_Directions:_ Wherever "nylon" appears in a line of the listing, that line should be returned.

___

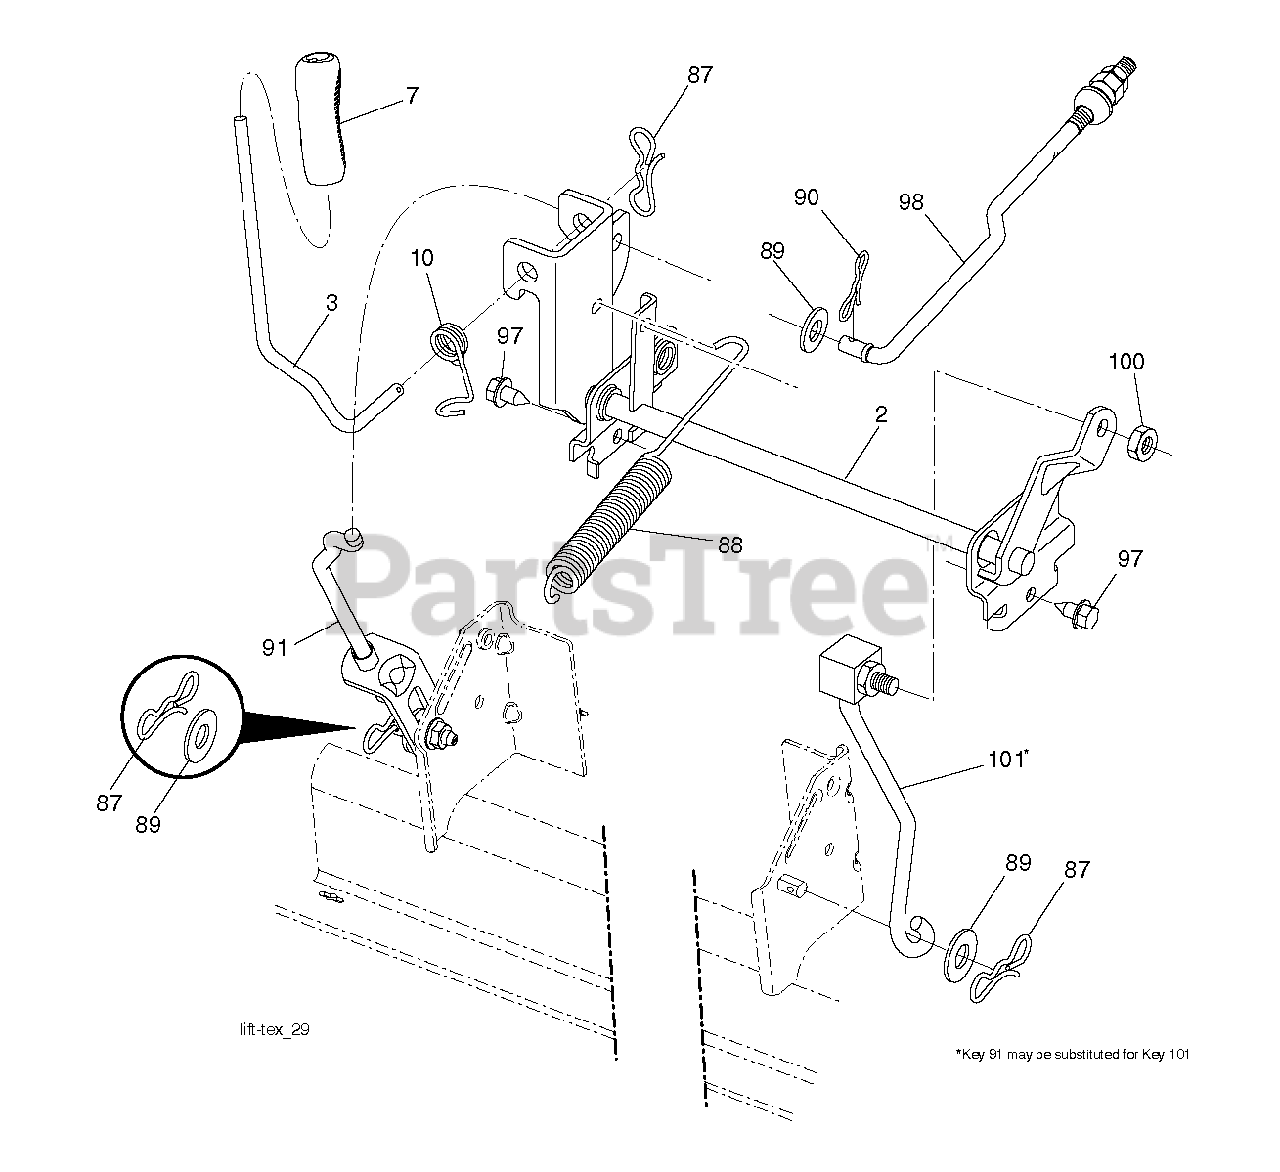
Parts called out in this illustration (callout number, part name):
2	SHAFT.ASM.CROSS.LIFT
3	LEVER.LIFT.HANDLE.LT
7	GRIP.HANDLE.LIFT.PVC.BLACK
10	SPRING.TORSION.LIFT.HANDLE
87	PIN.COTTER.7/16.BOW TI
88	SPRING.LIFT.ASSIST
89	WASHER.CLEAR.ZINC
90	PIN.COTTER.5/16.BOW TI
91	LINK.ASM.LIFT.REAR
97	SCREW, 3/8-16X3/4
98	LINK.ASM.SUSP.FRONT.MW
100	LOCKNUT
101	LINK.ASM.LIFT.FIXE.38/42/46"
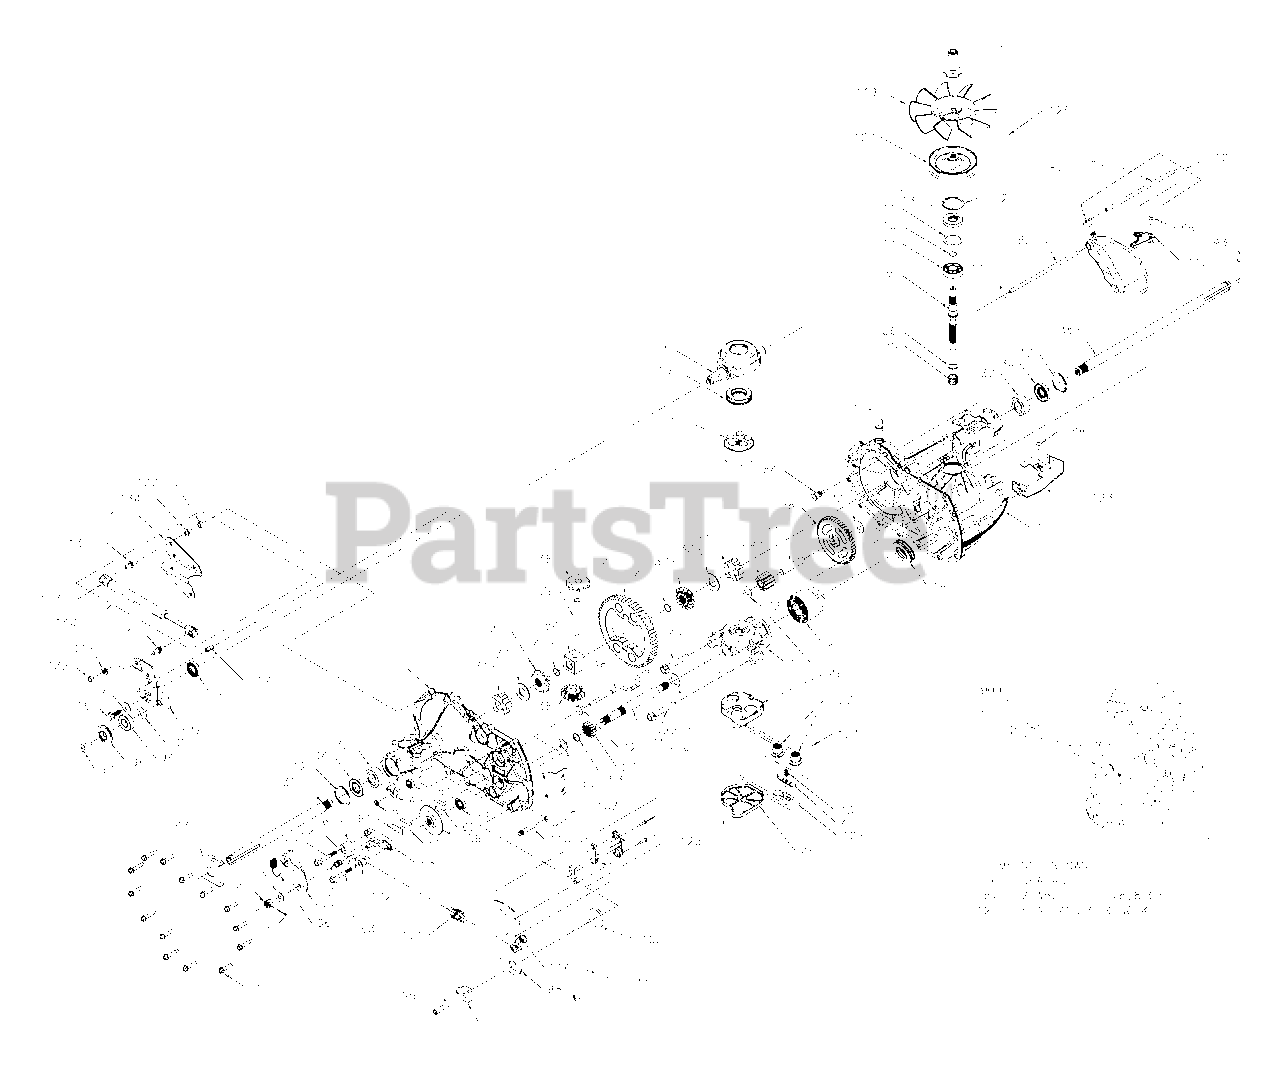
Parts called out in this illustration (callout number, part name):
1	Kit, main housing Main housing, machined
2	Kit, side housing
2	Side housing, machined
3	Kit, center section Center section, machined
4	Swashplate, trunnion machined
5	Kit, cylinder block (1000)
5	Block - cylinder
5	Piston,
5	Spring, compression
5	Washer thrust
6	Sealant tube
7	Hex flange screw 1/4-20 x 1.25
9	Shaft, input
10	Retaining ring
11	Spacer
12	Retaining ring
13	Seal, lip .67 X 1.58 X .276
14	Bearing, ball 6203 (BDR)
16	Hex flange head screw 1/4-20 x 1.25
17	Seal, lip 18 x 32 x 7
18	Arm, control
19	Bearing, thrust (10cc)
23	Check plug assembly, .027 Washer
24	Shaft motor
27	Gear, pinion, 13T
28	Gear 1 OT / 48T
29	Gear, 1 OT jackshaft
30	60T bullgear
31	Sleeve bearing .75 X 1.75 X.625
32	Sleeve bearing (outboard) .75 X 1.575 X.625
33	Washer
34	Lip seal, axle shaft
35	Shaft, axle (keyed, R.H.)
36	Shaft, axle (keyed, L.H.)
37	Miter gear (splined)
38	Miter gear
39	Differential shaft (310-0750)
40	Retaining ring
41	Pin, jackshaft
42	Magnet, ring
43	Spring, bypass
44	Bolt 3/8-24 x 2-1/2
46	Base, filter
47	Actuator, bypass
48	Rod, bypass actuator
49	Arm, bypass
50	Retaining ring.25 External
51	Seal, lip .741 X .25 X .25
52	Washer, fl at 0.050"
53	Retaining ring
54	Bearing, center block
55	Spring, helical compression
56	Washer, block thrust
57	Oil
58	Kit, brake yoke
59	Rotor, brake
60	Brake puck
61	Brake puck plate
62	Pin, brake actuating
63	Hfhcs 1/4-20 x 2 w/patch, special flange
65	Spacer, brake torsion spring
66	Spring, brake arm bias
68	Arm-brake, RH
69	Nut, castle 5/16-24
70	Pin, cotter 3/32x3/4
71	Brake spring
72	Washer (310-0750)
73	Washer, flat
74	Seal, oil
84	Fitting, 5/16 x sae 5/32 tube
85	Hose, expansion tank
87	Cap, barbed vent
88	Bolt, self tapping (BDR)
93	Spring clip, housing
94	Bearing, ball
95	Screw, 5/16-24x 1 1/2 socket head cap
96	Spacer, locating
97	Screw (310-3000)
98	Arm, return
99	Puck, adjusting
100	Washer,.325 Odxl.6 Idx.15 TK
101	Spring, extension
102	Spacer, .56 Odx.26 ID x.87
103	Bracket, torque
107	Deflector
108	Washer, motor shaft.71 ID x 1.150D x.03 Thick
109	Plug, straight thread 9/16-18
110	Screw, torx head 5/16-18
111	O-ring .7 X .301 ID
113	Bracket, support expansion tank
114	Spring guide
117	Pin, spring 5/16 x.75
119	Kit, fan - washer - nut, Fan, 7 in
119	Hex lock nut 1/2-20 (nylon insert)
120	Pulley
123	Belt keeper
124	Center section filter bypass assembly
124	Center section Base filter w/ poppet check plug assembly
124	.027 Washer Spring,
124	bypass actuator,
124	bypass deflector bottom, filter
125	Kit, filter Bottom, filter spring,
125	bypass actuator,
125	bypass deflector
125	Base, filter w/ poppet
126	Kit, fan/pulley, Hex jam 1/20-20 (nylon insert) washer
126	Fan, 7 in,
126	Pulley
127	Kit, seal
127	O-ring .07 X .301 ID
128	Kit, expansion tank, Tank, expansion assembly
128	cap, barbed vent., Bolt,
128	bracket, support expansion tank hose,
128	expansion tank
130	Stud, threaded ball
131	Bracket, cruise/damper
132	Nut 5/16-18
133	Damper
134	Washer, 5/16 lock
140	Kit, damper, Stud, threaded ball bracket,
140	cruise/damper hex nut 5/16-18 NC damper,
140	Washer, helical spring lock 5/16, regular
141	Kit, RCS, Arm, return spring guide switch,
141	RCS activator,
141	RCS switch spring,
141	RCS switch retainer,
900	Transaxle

___

_Output below:_
119	Hex lock nut 1/2-20 (nylon insert)
126	Kit, fan/pulley, Hex jam 1/20-20 (nylon insert) washer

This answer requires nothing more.